Dan Coles, the colourist, was involved right from prep. On set they had a 3D LUT which he and John created from some test rushes. John says: “On set I was overexposing the AMIRA by about 2/3 of a stop just to maintain the shadows because it holds the highlights so well; that’s good for the shadows. I’d rather over expose by a little bit to see the information in the shadows. It’s not often that you want to pull back a highlight, if you’ve blown it you’ve blown it for a reason. So I’d rather have the information in the shadows to get back. You just get a thicker negative, it’s a bit like overexposing film, in fact we treated it very much as a film camera.

“The LUT he created meant that when we were on set we were looking at something that was close to where we were going to get to with the grade. It meant I could take risks on set and push it. So that overexposure meant I could sit the exposure where I like it but I haven’t got rid of any information in case we want to lift it.”

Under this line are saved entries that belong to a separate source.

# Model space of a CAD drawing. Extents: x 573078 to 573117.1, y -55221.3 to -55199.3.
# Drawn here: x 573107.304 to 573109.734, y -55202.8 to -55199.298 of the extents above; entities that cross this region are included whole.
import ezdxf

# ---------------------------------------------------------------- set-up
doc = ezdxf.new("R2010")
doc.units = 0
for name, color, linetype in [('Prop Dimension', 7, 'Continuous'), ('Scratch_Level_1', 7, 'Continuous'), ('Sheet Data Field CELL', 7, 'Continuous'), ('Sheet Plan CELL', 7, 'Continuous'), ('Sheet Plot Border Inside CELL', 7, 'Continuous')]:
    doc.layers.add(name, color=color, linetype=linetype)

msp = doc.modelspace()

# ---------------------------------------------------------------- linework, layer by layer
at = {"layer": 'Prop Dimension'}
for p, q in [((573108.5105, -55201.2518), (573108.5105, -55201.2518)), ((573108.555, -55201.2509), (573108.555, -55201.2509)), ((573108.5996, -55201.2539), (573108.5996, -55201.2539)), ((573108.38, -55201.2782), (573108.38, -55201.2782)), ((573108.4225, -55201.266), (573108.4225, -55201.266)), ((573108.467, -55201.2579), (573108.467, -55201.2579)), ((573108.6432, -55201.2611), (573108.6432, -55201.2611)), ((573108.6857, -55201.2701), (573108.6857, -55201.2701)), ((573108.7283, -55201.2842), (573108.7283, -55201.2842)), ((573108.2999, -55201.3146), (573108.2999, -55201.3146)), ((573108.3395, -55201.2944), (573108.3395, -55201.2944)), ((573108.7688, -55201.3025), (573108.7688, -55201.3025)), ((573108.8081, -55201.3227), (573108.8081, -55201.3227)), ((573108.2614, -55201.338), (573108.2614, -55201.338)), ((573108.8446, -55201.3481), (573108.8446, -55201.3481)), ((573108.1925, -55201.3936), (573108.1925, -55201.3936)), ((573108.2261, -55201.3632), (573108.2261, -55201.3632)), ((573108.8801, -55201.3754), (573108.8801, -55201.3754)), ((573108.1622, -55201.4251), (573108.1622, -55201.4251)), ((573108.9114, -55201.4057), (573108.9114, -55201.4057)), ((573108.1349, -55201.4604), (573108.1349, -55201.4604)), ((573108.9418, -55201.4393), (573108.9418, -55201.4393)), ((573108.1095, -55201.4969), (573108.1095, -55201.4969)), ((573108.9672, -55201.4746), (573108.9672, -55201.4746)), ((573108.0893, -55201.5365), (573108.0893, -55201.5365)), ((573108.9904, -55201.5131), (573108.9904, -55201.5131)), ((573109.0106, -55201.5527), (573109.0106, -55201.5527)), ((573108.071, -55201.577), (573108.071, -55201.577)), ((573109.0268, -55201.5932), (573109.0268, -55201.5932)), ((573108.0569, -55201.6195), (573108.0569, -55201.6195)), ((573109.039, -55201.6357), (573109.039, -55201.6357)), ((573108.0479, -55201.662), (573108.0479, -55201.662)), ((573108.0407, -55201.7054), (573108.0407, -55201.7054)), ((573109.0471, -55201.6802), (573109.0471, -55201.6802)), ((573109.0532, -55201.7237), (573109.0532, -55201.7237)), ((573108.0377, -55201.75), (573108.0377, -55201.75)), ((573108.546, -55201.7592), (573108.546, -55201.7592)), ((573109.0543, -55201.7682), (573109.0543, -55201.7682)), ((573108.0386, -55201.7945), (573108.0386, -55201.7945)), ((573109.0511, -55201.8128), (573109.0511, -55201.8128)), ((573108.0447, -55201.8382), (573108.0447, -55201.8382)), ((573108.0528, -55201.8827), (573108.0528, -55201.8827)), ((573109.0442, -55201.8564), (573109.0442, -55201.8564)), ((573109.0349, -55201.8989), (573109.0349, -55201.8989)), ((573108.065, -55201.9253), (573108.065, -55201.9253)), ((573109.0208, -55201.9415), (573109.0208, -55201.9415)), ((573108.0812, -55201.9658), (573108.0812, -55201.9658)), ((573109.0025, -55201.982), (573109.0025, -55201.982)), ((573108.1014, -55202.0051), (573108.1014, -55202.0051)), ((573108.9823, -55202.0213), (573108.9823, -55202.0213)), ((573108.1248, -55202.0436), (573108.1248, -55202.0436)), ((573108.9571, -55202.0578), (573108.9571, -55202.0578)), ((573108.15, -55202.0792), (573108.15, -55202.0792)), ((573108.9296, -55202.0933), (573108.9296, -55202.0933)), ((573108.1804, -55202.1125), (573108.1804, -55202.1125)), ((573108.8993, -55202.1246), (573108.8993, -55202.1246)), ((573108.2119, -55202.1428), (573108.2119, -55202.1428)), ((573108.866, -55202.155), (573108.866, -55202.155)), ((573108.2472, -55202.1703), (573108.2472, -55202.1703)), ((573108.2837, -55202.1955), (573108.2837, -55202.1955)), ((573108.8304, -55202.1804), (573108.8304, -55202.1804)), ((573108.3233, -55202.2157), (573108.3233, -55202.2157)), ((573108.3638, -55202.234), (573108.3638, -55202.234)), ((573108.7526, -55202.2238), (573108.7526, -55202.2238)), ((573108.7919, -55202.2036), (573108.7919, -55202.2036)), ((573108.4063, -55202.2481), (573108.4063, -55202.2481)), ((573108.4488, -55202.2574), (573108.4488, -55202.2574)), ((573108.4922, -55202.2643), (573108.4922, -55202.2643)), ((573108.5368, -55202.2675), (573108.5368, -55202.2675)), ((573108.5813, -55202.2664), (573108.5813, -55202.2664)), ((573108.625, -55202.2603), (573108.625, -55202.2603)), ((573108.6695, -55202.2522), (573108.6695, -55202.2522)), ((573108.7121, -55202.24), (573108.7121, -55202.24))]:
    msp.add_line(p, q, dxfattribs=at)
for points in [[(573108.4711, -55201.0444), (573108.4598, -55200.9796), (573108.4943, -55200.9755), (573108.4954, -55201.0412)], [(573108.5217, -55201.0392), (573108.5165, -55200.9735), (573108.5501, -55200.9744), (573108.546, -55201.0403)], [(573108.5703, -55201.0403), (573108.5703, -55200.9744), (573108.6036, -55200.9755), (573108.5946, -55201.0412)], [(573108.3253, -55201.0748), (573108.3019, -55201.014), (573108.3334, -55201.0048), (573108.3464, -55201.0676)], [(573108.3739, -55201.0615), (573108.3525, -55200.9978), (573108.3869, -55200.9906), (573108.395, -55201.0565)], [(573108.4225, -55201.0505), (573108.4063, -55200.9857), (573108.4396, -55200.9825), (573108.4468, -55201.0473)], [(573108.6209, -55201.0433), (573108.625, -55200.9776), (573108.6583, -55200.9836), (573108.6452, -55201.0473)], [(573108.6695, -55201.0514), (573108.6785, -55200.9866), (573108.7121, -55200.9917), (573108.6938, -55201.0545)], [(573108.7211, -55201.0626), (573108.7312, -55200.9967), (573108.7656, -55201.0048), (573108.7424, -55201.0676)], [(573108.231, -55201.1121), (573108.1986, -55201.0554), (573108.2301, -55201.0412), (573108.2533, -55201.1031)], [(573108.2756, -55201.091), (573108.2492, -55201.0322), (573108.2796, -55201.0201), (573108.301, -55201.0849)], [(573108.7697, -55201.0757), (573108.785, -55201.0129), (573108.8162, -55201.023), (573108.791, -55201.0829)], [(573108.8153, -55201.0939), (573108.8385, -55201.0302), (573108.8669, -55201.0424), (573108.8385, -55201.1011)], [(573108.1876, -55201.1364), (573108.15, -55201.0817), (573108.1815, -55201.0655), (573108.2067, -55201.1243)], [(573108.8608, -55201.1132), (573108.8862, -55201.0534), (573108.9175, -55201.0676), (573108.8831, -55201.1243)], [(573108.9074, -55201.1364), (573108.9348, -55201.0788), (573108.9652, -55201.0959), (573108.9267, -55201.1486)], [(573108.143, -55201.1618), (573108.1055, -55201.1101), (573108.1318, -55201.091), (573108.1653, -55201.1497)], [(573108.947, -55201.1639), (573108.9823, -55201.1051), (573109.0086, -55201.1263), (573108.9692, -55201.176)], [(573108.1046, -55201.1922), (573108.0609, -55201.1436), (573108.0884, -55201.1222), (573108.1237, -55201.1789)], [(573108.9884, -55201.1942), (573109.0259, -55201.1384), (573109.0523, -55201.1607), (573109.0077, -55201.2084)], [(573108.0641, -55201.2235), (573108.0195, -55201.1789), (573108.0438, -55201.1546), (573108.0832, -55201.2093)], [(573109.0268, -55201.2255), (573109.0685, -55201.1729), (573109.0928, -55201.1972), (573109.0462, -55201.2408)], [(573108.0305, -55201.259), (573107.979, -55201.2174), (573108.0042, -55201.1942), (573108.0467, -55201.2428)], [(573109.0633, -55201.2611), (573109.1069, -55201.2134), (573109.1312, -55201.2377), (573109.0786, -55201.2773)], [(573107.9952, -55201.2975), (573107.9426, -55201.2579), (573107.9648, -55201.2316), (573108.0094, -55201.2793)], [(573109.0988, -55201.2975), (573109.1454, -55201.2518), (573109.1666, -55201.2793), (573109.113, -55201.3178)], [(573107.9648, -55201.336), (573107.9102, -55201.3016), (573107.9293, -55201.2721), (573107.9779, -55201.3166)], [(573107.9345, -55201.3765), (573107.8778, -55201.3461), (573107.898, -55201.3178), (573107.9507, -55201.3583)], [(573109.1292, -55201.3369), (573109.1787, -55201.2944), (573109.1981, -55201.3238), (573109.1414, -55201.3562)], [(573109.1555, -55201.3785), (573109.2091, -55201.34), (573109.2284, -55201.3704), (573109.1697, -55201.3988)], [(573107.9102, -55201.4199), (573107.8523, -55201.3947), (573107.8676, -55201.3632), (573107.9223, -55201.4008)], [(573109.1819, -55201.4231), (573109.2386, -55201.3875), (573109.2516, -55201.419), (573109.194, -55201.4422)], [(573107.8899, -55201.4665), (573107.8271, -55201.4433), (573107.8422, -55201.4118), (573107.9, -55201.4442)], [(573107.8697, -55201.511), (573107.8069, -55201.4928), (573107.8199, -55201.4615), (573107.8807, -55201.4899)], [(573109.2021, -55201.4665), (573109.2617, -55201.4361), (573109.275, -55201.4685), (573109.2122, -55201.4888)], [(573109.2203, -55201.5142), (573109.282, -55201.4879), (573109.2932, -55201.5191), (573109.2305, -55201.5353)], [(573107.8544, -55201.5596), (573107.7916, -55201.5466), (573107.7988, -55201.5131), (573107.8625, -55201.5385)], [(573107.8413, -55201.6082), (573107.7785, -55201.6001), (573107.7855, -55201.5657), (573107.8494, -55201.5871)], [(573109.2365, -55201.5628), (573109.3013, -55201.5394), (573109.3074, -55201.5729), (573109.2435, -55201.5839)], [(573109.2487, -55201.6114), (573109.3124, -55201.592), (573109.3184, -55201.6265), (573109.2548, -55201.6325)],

“With Victoria I became involved in pre-production with DOP John Lee, early in October 2015. It is not always the norm for a post house to be involved in a UK drama pre-production, but John and I had collaborated on an episode of Endeavour, and knowing we’d both be working on Victoria there was a desire to get the best out of our working relationship – creatively and technically.

“Weeks before the shoot began, John shot some camera tests and we looked at them in my grading suite at Technicolor (I use a Baselight as my grading system). We decided to create a specific look for Victoria – after discussing lenses, filtration, and shooting for daylight with an 80 filter to white-balance the footage, along with other key factors such as the period, colour palette and feel of the series (lighting, costumes, sets and locations etc). We set about devising a 3D LUT to be used for on-set monitoring, in the rushes and throughout the editorial process. I’ve done this on a few projects and found this approach to be beneficial to all involved.

“The 3D LUT we created was how we felt Victoria should look – slightly muted with cooler tones in the shadows and a soft, filmic level of contrast. It was a look that allowed pastel tones to be pronounced and skin tones to be slightly pale. This helped John to monitor something pretty close to the final intended look on set, and the vision was there for everyone involved to see. Whilst this was by no means definitive it gave us a very good ballpark-look for how we wanted things to appear in the final grade.

“A lot of UK drama involves a traditional Rec. 709 3D LUT which makes images more contrasty and saturated – although this is not always the best thing to use – particularly in our case where a more specific approach towards the final look had been discussed.

“After further tests we created different looks for various locations. The Buckingham Palace set had a richer, warmer and more opulent feel; whereas Kensington Palace had a more muted and cool feel. The same can be said for the main areas of the palace being richer and more vibrant than the servants’ quarters. It worked well to create a subtle distinction in the grade between the different spaces.

“Exterior locations regardless of whether sunny or dull were generally graded to be fairly colourful and naturalistic, and with more contrast. Skies were occasionally treated separately, depending on what was required.

“Wherever we could we added texture and depth to the sets using grads, shapes and vignettes, selective diffusion, softening and sharpening, as well as occasional grain addition.

“We used a variety of different approaches in the grade – we did not stick entirely with the original look but it proved to be a useful guideline. It was nice to have the opportunity to experiment with different styles, using different levels of contrast and saturation whilst maintaining an authentic period feel. We did as much as we could in the grade to create a seamlessness between many locations, the sets and the VFX, and to further enhance the beauty and reality of our Victorian world.”

Victoria (Series 2) is to return in 2017.